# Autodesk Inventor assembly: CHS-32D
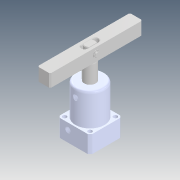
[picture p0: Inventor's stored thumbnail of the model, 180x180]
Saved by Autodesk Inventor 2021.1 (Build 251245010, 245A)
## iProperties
Created: 2020-02
Part Number: CHS-32D
Description: STEP AP214
Document SubType Name: Assembly
Designer: user
Title: chs-32d_asm1.STEP
Revision Number: ÈÎºÎ
Sending System: SolidWorks 2016
Preprocessor: SwSTEP 2.0
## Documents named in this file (6)
- D:\Vault_2016\Projekty\Clamptek\Hydraulic\CHS\CHS-32\Inventor\CHS-32D\CHS-32D.iam
- D:\Vault_2016\Projekty\Clamptek\Hydraulic\CHS\CHS-32\Inventor\CHS-32D\CHS-32-03.ipt
- D:\Vault_2016\Projekty\Clamptek\Hydraulic\CHS\CHS-32\Inventor\CHS-32D\CHS-32D-02_1.ipt
- D:\Vault_2016\Projekty\Clamptek\Hydraulic\CHS\CHS-32\Inventor\CHS-32D\CHS-32D-01.ipt
- D:\Vault_2016\Projekty\Clamptek\Hydraulic\CHS\CHS-32\Inventor\CHS-32D\Xiao.ipt
- D:\Vault_2016\Projekty\Clamptek\Hydraulic\CHS\CHS-32\Inventor\CHS-32D\Öá8µ²È¦.ipt
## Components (6 placed, 6 different names)
1. CHS-32-03_1
2. CHS-32D-02_1_2
3. CHS-32D-01_3
4. Xiao_4
5. Öá8µ²È¦_5
6. Öá8µ²È¦_6

------------------------------------------------------------

(TASK DIRECTIONS) Only the lines from the one holding "[picture p0: Inventor's" through the end of the listing should be given again, exactly and with both ends included.

(YOUR SOLUTION)
[picture p0: Inventor's stored thumbnail of the model, 180x180]
Saved by Autodesk Inventor 2021.1 (Build 251245010, 245A)
## iProperties
Created: 2020-02
Part Number: CHS-32D
Description: STEP AP214
Document SubType Name: Assembly
Designer: user
Title: chs-32d_asm1.STEP
Revision Number: ÈÎºÎ
Sending System: SolidWorks 2016
Preprocessor: SwSTEP 2.0
## Documents named in this file (6)
- D:\Vault_2016\Projekty\Clamptek\Hydraulic\CHS\CHS-32\Inventor\CHS-32D\CHS-32D.iam
- D:\Vault_2016\Projekty\Clamptek\Hydraulic\CHS\CHS-32\Inventor\CHS-32D\CHS-32-03.ipt
- D:\Vault_2016\Projekty\Clamptek\Hydraulic\CHS\CHS-32\Inventor\CHS-32D\CHS-32D-02_1.ipt
- D:\Vault_2016\Projekty\Clamptek\Hydraulic\CHS\CHS-32\Inventor\CHS-32D\CHS-32D-01.ipt
- D:\Vault_2016\Projekty\Clamptek\Hydraulic\CHS\CHS-32\Inventor\CHS-32D\Xiao.ipt
- D:\Vault_2016\Projekty\Clamptek\Hydraulic\CHS\CHS-32\Inventor\CHS-32D\Öá8µ²È¦.ipt
## Components (6 placed, 6 different names)
1. CHS-32-03_1
2. CHS-32D-02_1_2
3. CHS-32D-01_3
4. Xiao_4
5. Öá8µ²È¦_5
6. Öá8µ²È¦_6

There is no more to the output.